Code: Apply SMOTE and class weights for a binary classification problem (expensive vs. affordable houses).
from sklearn.ensemble import RandomForestClassifier
from imblearn.over_sampling import SMOTE
from sklearn.model_selection import train_test_split
# Load dataset
df = pd.read_csv('house_data.csv').dropna()
df['expensive'] = (df['price'] > 300000).astype(int) # Binary target
X = df[['size', 'bedrooms', 'age']]
y = df['expensive']
# Split data
X_train, X_test, y_train, y_test = train_test_split(X, y, test_size=0.3, random_state=0)
# 1. SMOTE
smote = SMOTE(random_state=0)
X_smote, y_smote = smote.fit_resample(X_train, y_train)
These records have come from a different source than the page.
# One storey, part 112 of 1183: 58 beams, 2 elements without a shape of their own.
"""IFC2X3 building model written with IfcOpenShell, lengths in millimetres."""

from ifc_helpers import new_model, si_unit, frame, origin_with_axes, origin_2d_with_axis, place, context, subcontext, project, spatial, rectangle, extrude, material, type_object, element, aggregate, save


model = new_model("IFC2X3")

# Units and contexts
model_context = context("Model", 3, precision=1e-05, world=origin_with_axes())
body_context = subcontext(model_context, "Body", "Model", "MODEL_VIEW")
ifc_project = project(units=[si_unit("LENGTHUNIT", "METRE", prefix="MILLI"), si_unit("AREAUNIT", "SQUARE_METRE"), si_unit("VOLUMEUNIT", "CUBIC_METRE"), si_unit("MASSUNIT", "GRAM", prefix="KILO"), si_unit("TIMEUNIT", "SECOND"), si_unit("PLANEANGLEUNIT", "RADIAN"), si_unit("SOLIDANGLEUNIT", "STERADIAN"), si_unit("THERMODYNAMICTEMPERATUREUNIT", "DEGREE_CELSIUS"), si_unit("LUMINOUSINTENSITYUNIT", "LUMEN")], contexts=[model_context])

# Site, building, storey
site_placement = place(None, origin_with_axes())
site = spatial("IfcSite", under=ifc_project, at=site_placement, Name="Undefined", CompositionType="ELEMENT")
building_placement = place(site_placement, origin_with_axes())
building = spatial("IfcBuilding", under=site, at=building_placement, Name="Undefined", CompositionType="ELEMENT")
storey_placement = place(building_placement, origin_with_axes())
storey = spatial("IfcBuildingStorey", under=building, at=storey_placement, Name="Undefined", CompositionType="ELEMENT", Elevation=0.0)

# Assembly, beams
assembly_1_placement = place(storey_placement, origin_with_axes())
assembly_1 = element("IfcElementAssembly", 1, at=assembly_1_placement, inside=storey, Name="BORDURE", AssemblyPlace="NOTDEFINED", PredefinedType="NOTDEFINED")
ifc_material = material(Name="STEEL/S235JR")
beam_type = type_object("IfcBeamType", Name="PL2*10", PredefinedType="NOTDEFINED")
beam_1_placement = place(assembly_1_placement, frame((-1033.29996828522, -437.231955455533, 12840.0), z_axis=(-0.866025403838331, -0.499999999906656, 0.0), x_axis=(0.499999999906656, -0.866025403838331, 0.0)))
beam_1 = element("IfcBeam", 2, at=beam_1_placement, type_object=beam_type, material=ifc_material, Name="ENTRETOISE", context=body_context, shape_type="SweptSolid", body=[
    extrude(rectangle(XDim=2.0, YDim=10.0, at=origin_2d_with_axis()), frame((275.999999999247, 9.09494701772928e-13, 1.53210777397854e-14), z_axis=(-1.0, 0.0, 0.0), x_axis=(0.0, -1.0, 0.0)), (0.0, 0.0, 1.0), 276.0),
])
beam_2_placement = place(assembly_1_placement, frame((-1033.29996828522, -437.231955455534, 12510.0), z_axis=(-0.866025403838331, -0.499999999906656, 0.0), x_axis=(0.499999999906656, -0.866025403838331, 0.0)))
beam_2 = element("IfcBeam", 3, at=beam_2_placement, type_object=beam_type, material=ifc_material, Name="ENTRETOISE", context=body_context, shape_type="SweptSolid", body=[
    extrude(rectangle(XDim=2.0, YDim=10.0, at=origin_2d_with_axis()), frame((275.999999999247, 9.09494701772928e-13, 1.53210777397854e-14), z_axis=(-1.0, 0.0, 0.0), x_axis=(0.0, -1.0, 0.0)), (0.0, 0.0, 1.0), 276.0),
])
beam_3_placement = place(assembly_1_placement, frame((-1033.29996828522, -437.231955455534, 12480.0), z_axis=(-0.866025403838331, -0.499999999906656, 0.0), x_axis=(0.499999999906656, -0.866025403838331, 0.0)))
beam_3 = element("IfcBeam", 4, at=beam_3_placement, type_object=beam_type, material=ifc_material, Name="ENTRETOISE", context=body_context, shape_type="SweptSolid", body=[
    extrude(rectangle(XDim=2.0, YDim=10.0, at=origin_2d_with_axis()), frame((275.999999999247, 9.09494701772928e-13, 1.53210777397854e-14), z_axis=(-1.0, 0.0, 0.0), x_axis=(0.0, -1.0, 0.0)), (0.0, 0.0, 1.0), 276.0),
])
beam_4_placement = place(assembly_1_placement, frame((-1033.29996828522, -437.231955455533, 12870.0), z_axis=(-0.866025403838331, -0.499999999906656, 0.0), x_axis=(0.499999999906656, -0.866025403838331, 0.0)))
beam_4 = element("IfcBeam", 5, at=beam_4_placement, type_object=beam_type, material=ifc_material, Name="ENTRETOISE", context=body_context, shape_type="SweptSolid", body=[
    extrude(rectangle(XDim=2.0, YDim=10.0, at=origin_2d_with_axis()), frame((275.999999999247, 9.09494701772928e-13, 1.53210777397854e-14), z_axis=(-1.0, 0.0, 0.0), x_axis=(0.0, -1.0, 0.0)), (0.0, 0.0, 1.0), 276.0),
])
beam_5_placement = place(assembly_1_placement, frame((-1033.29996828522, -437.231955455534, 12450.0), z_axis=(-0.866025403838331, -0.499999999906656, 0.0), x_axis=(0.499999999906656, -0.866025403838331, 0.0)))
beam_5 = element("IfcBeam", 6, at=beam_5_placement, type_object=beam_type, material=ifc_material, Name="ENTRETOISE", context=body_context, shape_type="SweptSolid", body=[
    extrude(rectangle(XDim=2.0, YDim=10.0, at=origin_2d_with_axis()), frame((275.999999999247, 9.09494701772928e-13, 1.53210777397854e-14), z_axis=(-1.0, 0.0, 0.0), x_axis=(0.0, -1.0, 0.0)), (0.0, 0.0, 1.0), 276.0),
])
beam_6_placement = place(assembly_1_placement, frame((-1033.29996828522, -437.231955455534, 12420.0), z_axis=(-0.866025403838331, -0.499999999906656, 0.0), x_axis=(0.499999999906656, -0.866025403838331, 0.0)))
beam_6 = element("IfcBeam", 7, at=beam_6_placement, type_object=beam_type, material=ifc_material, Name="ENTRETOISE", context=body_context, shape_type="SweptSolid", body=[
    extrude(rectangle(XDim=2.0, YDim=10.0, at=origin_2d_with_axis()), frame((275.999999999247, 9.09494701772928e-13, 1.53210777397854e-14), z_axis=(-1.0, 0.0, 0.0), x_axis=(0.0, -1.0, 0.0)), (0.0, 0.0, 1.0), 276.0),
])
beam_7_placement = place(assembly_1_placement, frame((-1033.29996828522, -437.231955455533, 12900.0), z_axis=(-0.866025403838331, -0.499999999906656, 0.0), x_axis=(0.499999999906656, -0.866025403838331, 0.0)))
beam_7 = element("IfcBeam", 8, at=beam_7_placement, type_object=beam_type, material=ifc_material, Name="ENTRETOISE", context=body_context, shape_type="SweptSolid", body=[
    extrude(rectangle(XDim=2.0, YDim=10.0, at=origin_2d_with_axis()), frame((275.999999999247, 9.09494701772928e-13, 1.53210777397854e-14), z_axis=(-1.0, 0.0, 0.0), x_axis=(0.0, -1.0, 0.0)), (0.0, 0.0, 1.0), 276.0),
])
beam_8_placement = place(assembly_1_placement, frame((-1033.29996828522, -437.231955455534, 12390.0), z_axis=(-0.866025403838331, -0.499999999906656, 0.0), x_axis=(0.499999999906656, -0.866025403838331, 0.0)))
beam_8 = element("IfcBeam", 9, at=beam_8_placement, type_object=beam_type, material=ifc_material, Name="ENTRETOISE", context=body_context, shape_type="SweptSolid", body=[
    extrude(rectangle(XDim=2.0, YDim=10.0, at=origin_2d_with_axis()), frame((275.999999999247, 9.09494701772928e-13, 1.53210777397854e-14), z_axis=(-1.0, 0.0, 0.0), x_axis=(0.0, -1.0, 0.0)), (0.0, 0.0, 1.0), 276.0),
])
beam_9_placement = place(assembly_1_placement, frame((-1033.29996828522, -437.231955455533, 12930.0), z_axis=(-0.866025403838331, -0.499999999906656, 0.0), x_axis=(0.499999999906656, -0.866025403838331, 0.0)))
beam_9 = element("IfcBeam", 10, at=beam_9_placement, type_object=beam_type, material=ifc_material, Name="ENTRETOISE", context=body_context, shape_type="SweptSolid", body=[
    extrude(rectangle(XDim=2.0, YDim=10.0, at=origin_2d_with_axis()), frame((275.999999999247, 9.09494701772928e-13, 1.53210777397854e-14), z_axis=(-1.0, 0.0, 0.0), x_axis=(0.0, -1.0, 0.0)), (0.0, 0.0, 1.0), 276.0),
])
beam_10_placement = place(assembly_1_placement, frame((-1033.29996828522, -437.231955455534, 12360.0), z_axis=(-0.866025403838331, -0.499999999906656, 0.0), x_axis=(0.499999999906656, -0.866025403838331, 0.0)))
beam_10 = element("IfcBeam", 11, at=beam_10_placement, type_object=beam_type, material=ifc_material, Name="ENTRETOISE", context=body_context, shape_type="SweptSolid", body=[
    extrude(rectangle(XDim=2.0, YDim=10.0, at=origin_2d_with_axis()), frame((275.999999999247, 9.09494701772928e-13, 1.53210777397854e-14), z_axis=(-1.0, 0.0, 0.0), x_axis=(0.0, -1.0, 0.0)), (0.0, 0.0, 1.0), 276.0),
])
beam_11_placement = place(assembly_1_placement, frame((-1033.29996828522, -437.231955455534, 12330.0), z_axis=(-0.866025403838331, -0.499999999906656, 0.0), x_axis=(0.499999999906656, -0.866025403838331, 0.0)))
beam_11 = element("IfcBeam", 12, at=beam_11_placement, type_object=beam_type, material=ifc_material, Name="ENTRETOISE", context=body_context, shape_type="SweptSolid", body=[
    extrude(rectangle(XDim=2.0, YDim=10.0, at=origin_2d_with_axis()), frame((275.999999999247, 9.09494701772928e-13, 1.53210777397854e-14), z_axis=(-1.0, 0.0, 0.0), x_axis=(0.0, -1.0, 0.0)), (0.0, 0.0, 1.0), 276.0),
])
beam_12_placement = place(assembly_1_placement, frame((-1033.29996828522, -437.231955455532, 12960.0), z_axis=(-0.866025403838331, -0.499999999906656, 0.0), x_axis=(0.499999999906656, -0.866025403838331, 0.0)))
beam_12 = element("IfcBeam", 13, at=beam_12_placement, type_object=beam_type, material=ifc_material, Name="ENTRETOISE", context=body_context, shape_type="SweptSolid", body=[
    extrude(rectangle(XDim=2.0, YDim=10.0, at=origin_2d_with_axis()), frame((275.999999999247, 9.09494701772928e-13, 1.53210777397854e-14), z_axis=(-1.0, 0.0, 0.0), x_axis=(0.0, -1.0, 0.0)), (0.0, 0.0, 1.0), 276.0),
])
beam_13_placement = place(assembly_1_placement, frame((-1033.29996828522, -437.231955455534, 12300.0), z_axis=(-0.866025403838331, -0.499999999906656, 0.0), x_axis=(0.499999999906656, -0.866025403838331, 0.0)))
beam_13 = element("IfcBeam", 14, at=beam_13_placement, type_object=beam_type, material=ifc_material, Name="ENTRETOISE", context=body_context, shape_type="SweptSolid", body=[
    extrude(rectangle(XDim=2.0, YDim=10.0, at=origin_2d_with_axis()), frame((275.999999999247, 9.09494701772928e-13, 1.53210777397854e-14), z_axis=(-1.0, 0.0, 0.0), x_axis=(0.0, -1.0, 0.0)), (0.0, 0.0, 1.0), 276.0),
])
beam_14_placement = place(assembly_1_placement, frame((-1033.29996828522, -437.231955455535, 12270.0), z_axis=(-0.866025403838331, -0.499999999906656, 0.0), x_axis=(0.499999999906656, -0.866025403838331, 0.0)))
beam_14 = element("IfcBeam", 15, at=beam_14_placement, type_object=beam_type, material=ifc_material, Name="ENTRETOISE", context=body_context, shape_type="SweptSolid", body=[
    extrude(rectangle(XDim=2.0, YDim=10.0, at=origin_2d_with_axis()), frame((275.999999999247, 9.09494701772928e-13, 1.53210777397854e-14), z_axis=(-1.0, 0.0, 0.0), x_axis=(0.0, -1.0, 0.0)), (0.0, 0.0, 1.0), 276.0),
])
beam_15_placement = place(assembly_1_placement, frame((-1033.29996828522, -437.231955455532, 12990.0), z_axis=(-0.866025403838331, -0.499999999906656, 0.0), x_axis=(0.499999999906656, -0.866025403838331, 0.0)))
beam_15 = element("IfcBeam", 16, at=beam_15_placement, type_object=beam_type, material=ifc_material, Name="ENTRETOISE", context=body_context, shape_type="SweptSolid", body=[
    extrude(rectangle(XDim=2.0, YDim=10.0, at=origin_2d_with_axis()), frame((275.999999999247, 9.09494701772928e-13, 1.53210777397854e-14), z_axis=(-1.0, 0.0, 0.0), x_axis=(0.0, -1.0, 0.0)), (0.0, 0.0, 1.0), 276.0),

print("SMOTE Class Distribution:", pd.Series(y_smote).value_counts())
# 2. Class Weights
clf = RandomForestClassifier(class_weight='balanced', random_state=0)
clf.fit(X_train, y_train)
print("Model with Class Weights Trained")
Output:
SMOTE Class Distribution:
0 3
1 3
Name: expensive, dtype: int64
Model with Class Weights Trained
Explanation: SMOTE balances classes by creating synthetic samples. Class weights penalize misclassifying the minority class (expensive houses).